■ WORK ITEM
Below is some data. Retype exactly the lines starting at the one with "#2018 = DIRECTION" and ending at the one with "#15797 = CARTESIAN_POINT".

■ ENTRIES SHOWN
- - -
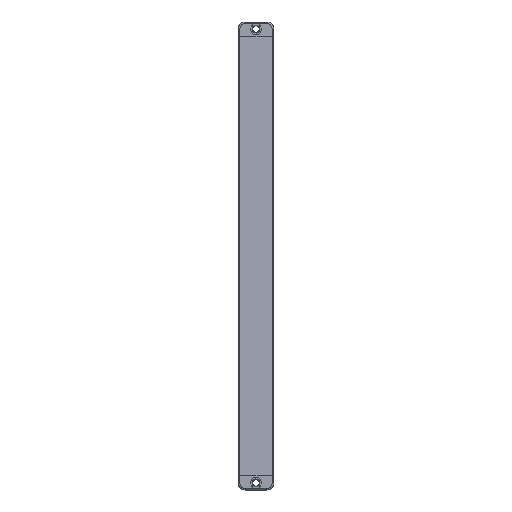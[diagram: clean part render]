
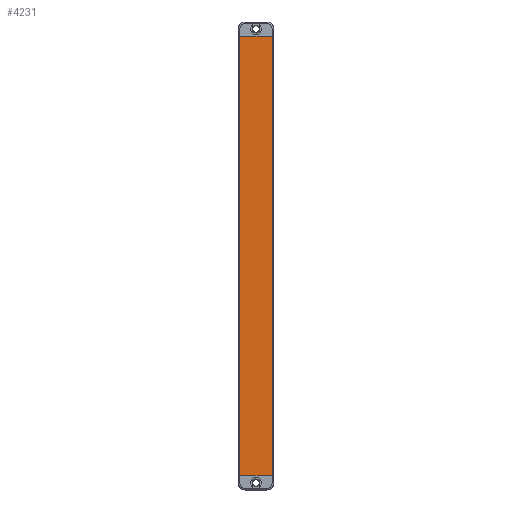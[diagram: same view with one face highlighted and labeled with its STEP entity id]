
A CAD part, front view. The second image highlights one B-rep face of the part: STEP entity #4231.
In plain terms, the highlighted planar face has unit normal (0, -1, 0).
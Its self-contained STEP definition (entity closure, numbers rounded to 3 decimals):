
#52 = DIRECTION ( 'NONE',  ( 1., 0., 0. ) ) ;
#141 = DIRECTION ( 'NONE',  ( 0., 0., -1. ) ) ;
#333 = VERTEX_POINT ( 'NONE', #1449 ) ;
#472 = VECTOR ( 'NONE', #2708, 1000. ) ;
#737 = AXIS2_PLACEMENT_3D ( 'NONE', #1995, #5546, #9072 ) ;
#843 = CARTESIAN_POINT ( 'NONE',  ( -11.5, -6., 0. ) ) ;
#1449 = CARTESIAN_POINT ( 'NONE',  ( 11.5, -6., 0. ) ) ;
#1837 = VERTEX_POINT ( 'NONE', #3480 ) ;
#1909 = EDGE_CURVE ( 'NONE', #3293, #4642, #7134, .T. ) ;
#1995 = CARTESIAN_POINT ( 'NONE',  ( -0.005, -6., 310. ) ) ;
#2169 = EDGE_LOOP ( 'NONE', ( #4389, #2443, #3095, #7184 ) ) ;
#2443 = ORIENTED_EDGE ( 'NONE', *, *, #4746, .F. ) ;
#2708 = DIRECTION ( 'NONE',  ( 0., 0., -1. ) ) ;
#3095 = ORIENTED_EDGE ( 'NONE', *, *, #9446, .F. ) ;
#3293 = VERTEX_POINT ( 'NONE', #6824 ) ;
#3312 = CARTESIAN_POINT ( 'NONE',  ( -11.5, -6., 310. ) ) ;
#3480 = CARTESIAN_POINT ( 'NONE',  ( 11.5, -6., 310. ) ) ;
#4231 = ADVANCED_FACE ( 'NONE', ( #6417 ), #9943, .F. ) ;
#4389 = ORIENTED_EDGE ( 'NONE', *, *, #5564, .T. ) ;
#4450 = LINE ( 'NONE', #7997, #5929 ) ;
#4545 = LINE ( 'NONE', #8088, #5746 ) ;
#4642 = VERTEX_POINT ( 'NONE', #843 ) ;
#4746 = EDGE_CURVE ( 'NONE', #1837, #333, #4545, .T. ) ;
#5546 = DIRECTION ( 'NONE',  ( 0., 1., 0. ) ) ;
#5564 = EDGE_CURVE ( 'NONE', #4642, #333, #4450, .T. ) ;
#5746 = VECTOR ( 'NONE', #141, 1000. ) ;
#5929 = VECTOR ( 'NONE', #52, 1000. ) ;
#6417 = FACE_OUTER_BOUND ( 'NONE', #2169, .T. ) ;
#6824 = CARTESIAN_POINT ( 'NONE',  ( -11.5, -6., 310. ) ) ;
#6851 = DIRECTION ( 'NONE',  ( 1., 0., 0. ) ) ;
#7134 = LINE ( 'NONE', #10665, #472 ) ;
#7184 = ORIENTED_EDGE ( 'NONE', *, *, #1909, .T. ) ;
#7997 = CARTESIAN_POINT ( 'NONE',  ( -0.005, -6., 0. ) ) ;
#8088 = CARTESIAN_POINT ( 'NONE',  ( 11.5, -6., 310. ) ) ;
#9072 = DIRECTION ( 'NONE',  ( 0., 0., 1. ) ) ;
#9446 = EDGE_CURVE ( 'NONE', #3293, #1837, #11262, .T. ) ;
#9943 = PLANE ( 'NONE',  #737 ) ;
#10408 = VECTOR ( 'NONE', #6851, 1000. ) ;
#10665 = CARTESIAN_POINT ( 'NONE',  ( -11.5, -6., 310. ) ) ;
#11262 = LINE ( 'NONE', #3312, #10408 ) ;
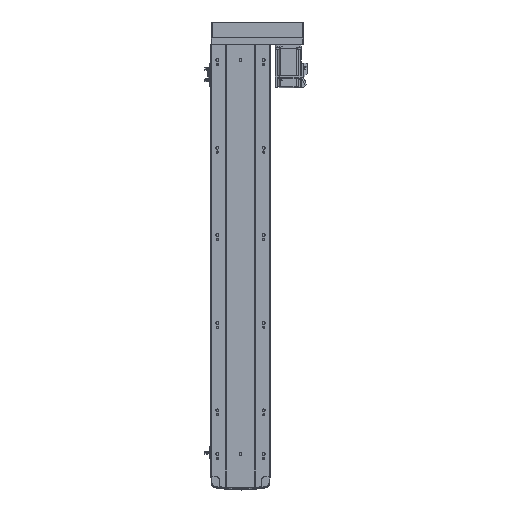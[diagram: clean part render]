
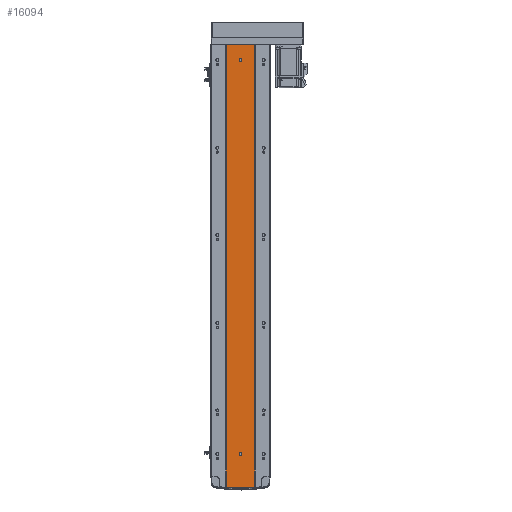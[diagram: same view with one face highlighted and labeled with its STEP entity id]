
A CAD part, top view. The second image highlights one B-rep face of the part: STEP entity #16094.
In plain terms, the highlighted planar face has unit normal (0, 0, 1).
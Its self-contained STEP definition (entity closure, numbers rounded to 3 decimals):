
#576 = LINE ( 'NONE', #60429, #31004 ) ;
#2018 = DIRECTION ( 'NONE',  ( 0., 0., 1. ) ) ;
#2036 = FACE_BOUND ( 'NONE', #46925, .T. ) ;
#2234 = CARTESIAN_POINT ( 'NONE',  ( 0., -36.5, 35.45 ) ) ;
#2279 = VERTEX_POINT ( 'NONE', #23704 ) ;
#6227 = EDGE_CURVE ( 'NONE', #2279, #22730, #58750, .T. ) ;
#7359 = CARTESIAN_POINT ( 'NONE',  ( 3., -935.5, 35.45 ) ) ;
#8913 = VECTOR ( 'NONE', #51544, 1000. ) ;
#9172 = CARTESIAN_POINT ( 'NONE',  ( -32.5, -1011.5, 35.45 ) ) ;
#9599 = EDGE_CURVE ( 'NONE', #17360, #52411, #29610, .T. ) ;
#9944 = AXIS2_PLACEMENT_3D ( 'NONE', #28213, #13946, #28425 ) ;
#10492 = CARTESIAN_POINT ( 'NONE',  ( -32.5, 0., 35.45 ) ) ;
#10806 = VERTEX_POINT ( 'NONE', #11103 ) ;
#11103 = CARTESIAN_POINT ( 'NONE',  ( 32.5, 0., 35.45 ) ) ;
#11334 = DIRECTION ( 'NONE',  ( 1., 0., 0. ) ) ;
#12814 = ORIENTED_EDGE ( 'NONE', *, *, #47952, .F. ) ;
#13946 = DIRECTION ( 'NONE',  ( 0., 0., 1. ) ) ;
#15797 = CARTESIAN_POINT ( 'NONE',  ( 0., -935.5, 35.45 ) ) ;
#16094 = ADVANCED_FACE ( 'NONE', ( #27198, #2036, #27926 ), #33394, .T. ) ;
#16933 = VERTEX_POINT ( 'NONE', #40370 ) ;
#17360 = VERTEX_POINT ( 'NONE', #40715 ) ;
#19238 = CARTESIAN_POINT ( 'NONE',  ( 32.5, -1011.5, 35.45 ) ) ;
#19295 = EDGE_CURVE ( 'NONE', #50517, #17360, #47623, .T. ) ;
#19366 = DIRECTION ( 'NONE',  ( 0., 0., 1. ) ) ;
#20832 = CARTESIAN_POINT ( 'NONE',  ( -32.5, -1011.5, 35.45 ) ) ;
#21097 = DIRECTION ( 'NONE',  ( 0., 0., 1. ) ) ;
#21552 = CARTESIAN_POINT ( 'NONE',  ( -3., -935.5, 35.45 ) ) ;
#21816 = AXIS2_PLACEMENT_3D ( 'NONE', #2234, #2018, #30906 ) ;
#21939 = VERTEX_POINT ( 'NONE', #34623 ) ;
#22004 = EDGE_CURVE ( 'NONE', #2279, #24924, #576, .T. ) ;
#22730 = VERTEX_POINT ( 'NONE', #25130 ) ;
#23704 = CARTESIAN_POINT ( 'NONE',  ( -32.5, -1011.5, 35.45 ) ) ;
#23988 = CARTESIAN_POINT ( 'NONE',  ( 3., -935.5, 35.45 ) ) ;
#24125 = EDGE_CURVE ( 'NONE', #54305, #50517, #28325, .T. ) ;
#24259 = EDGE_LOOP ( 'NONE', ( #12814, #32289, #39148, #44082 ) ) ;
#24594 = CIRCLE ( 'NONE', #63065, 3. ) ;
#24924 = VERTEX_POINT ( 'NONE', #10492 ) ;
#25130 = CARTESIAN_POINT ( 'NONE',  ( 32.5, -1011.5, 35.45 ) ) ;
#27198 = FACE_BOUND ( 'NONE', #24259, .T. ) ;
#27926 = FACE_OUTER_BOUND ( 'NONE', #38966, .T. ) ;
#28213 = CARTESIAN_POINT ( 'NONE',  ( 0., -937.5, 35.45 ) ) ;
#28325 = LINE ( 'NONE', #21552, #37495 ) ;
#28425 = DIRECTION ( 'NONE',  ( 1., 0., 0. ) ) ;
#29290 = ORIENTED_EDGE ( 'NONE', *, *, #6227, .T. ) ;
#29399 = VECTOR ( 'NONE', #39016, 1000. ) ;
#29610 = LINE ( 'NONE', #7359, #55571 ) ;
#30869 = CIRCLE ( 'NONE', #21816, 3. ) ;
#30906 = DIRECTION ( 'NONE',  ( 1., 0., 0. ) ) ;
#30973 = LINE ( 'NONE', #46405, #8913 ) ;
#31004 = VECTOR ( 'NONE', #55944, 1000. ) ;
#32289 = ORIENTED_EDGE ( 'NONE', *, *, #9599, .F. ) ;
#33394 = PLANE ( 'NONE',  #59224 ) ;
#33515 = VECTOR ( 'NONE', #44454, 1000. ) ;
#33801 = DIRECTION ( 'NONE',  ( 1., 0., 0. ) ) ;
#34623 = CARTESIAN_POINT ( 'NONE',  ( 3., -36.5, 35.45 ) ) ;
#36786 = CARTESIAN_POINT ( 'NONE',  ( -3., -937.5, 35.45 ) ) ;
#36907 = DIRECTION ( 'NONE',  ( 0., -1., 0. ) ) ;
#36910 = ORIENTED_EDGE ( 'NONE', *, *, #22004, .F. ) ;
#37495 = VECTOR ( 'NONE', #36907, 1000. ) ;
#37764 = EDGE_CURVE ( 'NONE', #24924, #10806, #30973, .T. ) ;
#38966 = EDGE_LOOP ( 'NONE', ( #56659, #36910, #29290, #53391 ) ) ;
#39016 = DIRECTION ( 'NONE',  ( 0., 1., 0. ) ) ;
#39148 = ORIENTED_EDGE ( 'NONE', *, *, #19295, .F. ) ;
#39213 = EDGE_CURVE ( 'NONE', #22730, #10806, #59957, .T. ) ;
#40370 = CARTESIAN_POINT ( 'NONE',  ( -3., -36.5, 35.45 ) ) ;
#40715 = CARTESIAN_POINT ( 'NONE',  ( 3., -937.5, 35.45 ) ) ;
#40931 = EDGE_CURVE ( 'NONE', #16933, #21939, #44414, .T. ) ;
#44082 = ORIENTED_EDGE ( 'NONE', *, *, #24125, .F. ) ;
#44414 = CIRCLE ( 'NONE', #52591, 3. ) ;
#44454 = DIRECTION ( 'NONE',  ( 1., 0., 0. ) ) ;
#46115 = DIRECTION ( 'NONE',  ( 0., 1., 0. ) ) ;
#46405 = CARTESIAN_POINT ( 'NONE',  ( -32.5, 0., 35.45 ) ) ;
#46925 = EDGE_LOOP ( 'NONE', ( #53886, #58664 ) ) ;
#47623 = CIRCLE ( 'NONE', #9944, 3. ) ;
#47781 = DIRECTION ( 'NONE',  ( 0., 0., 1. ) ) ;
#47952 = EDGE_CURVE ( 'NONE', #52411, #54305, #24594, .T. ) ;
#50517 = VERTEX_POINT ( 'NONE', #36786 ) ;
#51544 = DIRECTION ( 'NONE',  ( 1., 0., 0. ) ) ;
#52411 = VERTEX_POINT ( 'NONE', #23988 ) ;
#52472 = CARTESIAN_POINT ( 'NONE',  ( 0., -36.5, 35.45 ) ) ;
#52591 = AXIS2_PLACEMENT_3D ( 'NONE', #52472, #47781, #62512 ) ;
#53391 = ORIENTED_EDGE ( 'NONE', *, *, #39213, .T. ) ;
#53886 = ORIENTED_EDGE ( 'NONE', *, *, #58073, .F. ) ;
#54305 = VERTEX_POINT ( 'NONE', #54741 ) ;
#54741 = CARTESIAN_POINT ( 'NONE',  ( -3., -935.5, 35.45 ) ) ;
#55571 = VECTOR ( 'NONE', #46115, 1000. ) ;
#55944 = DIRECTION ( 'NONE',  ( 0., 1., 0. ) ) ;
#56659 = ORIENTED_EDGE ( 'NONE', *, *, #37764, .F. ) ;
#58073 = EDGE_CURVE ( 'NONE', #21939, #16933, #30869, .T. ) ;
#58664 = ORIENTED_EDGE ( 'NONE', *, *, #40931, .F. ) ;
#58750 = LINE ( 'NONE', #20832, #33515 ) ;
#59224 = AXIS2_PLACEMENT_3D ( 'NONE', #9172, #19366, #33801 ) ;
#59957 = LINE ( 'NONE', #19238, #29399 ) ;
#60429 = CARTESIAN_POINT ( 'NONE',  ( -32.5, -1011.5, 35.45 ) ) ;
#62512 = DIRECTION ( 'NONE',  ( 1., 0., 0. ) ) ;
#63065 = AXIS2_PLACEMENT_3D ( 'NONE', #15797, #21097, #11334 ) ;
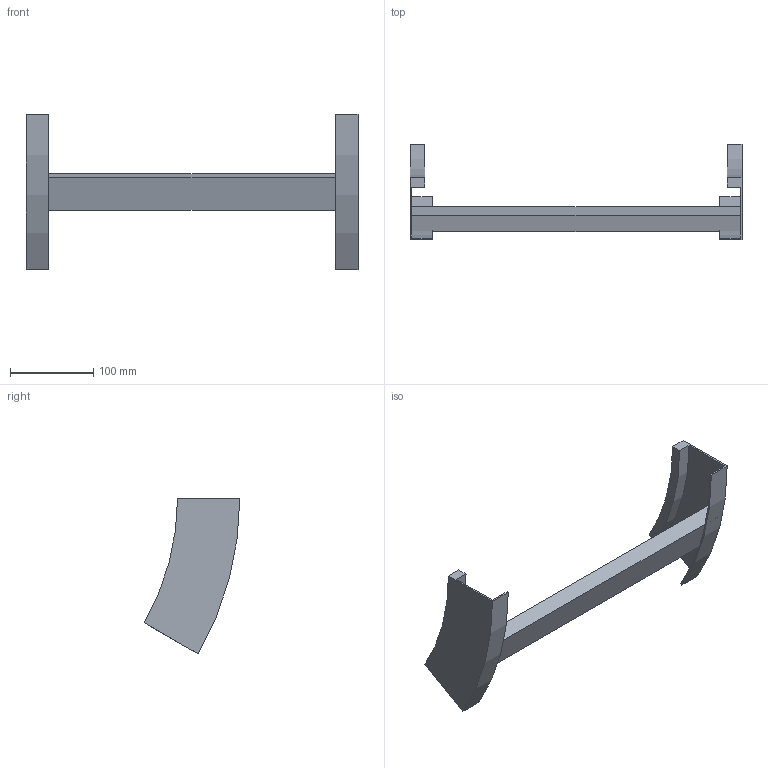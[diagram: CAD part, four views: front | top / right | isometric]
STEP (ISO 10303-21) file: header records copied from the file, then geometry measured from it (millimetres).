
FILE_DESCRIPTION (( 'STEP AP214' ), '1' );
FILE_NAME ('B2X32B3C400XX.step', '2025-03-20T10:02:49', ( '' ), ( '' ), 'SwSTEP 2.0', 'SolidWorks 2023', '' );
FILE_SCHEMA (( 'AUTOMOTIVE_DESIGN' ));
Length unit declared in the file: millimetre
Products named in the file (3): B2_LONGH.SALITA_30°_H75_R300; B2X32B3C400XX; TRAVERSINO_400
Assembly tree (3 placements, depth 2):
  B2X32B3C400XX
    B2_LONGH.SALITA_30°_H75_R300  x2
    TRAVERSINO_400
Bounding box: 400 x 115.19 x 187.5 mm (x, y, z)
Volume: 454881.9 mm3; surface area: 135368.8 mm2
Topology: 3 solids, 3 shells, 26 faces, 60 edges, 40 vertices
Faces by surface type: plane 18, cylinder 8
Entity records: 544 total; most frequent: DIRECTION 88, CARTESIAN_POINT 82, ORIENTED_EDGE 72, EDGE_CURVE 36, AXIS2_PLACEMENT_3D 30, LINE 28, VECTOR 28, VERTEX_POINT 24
- - -
■ TASK RESPONSE
#2018 = DIRECTION ( 'NONE',  ( 0., 0., 1. ) ) ;
#2036 = FACE_BOUND ( 'NONE', #46925, .T. ) ;
#2234 = CARTESIAN_POINT ( 'NONE',  ( 0., -36.5, 35.45 ) ) ;
#2279 = VERTEX_POINT ( 'NONE', #23704 ) ;
#6227 = EDGE_CURVE ( 'NONE', #2279, #22730, #58750, .T. ) ;
#7359 = CARTESIAN_POINT ( 'NONE',  ( 3., -935.5, 35.45 ) ) ;
#8913 = VECTOR ( 'NONE', #51544, 1000. ) ;
#9172 = CARTESIAN_POINT ( 'NONE',  ( -32.5, -1011.5, 35.45 ) ) ;
#9599 = EDGE_CURVE ( 'NONE', #17360, #52411, #29610, .T. ) ;
#9944 = AXIS2_PLACEMENT_3D ( 'NONE', #28213, #13946, #28425 ) ;
#10492 = CARTESIAN_POINT ( 'NONE',  ( -32.5, 0., 35.45 ) ) ;
#10806 = VERTEX_POINT ( 'NONE', #11103 ) ;
#11103 = CARTESIAN_POINT ( 'NONE',  ( 32.5, 0., 35.45 ) ) ;
#11334 = DIRECTION ( 'NONE',  ( 1., 0., 0. ) ) ;
#12814 = ORIENTED_EDGE ( 'NONE', *, *, #47952, .F. ) ;
#13946 = DIRECTION ( 'NONE',  ( 0., 0., 1. ) ) ;
#15797 = CARTESIAN_POINT ( 'NONE',  ( 0., -935.5, 35.45 ) ) ;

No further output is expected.